M. Skinner gagne sa vie et alimente donc son mariage, mais il pense, et son épouse aussi, qu'il mérite largement une augmentation. La décision est prise, il va la demander... alors quand il revient sans l'avoir demandée, il n'a pas le coeur de le dire à son épouse qui a déjà une foule de choses à acheter avec les quarante dollars mensuels qu'elle attribue virtuellement à son mari, et celui-ci n'a pas le coeur de la contredire. Encore moins après avoir effectivement demandé et essuyé un échec, sans parler du licenciement qu'il n'avait lui-même pas vu venir...
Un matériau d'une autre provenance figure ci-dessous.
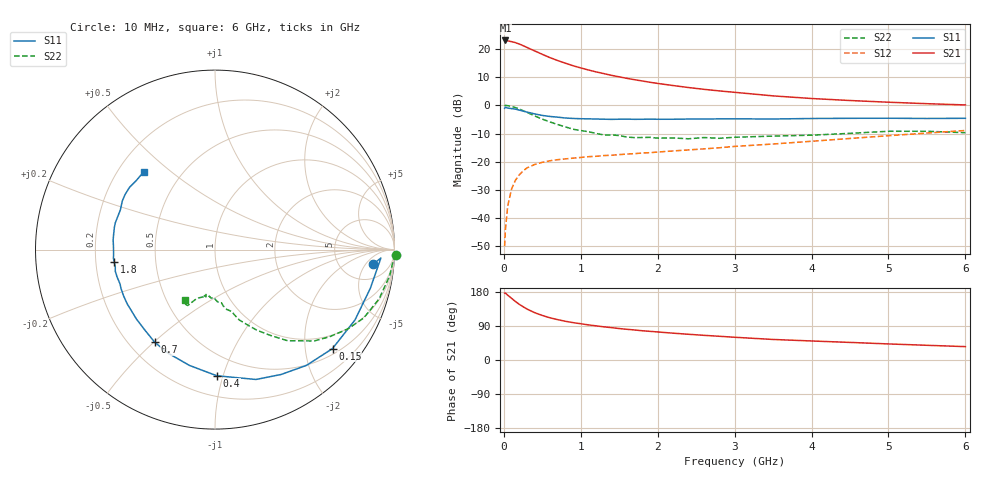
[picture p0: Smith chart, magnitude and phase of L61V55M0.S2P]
!  INFINEON TECHNOLOGIES Small Signal Semiconductors
! BFR380L3 , Si-NPN RF-Transistor in TSLP-3-1
!  Vce=1.5 V,  Ic=5 mA
! Common Emitter S-Parameters:  07. March 2005
#  GHz  S  MA  R  50
! f  S11  S21  S12  S22
! GHz  Mag  Ang  Mag  Ang  Mag  Ang  Mag  Ang
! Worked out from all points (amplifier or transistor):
!   36 points, 10 MHz to 6 GHz, reference 50 ohm
!   highest |S21| = 23.0 dB at 20 MHz (marker M1)
!   |S21| within 3 dB of that: start of sweep to 343.8 MHz
!   unconditionally stable (mu >= 1): 2.376 GHz to 4.796 GHz
!   at 250 MHz: K = 0.17, MSG = 22.2 dB, |S12| = -23.3 dB
!   at 1.4 GHz: K = 0.76, MSG = 14.1 dB, |S12| = -17.7 dB
!   at 6 GHz: K = 0.96, MSG = 4.5 dB, |S12| = -8.9 dB
!   S11 on the Smith chart (normalised r, x): 10 MHz: 11, -8; 150 MHz: 0.63, -2.61; 400 MHz: 0.34, -0.95; 700 MHz: 0.30, -0.50; 1.8 GHz: 0.28, -0.06; 6 GHz: 0.31, +0.40
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0.01  0.8859 -5.2  13.97 176.6  0.0032 86.6  1.011 -1.7
0.02  0.9255 -2.9  14.05 176.7  0.0062 88.6  0.9945 -3.6
0.05  0.8919 -14.0  13.84 171.1  0.0163 84.0  0.9843 -8.5
0.1  0.8729 -26.7  13.38 162.8  0.0328 77.4  0.9547 -16.7
0.15  0.8559 -40.1  12.88 154.5  0.0469 69.5  0.912 -24.7
0.2  0.8221 -51.7  12.15 147.0  0.0585 64.5  0.8617 -30.9
0.25  0.7872 -62.1  11.38 140.7  0.0686 59.3  0.8016 -37.3
0.3  0.7587 -72.5  10.58 134.6  0.0777 55.4  0.7518 -42.6
0.4  0.7029 -89.2  9.19 124.9  0.0893 49.0  0.6487 -51.5
0.5  0.6607 -102.5  7.98 117.6  0.0978 45.4  0.5685 -57.2
0.6  0.6337 -114.1  6.974 111.3  0.1042 42.4  0.5066 -62.5
0.7  0.6159 -123.0  6.196 106.5  0.1088 40.8  0.4555 -66.8
0.9  0.5843 -138.4  5.013 98.6  0.1158 39.3  0.3766 -73.6
1.1  0.575 -148.3  4.215 92.6  0.123 39.6  0.3406 -78.7
1.4  0.5627 -160.3  3.386 85.4  0.1303 40.6  0.2984 -84.4
1.8  0.5655 -172.9  2.692 77.2  0.1425 43.6  0.2687 -91.8
2.2  0.5659 178.4  2.237 70.8  0.1554 46.5  0.2639 -96.6
2.8  0.5744 167.3  1.797 62.6  0.1768 51.0  0.2601 -104.5
3.5  0.5718 157.2  1.467 54.2  0.2061 53.9  0.2845 -108.8
4.5  0.5876 148.6  1.214 46.4  0.2584 57.9  0.3183 -113.5
5.5  0.5834 138.5  1.067 38.8  0.3223 58.0  0.3464 -118.1
6  0.5879 132.6  1.014 35.3  0.3579 57.0  0.327 -121.3
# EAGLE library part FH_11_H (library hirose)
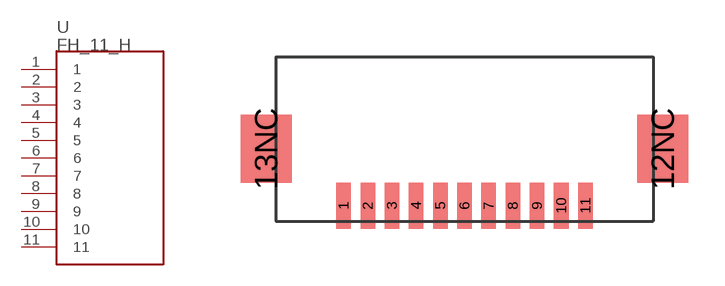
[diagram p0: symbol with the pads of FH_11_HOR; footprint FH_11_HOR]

Designator prefix -

## FH_11_H  [FH_11_HOR]
1  1
2  2
3  3
4  4
5  5
6  6
7  7
8  8
9  9
10  10
11  11

## Footprint FH_11_HOR (pad centres in mm)
smd 0.6 x 1.9: 1 -5,0.65; 2 -4,0.65; 3 -3,0.65; 4 -2,0.65; 5 -1,0.65; 6 0,0.65; 7 1,0.65; 8 2,0.65; 9 3,0.65; 10 4,0.65; 11 5,0.65
smd 2.1 x 2.8: 12NC 8.2,3; 13NC -8.2,3

Mais non, c'est bien une comédie, et une de ces nombreuses productions de la Universal qui obtenaient un franc succès, avec l'acteur Britannique Reginald Denny. Sa partenaire ici est Laura LaPlante, et une fois admis que son rôle correspond à des schémas totalement passés (l'épouse au foyer, maîtresse de maison, laissée à l'écart des questions financières), elle est formidable dans le film, d'autant que si bien sûr notre attention est fixée sur le point de vue de M. Skinner, elle a un rôle non négligeable. Donc elle est loin d'être autant une potiche que son rôle pourrait nous faire croire...

Ce qui est formidable dans ce film, devenu enfin un classique à force d'être projeté dans les festivals, c'est la qualité totale de la production, avec un script linéaire dont pas un détail ne dévie de la ligne fixée dès le départ, des personnages qui sont attachants au possible et surtout, avec le même terrain de jeu qu'un Lubitsch par exemple, un résultat complètement différent. Ni meilleur ni moins bon, rassurez-vous... Et le film épouse de façon assez convaincante la comédie d'embarras que Charley Chase pratiquait dans d'époustouflants courts métrages de chez Hal Roach à la même époque, avec un rien moins de gags visuels.

Mais il y a encore mieux: comme avec Harold Lloyd dans Hot Water, le film se situe en plein au coeur des préoccupations du quotidien des Américains des classes moyennes de 1925, ceux qui avaient enfin les moyens de se payer une voiture pour Lloyd, ou qui allaient peut être enfin y parvenir pour Denny et LaPlante. Bref, des gens qui étaient plus que des témoins de leur temps. Le titre du film, qui se focalise sur l'habit de soirée que Mme Skinner va acheter, mettant ainsi le ménage en danger, et qui de signe extérieur de richesse va devenir le symbole même de la spirale du mensonge, permet au film de symboliser pleinement aussi bien le jazz age, que l'importance de l'apparence dans les années 20.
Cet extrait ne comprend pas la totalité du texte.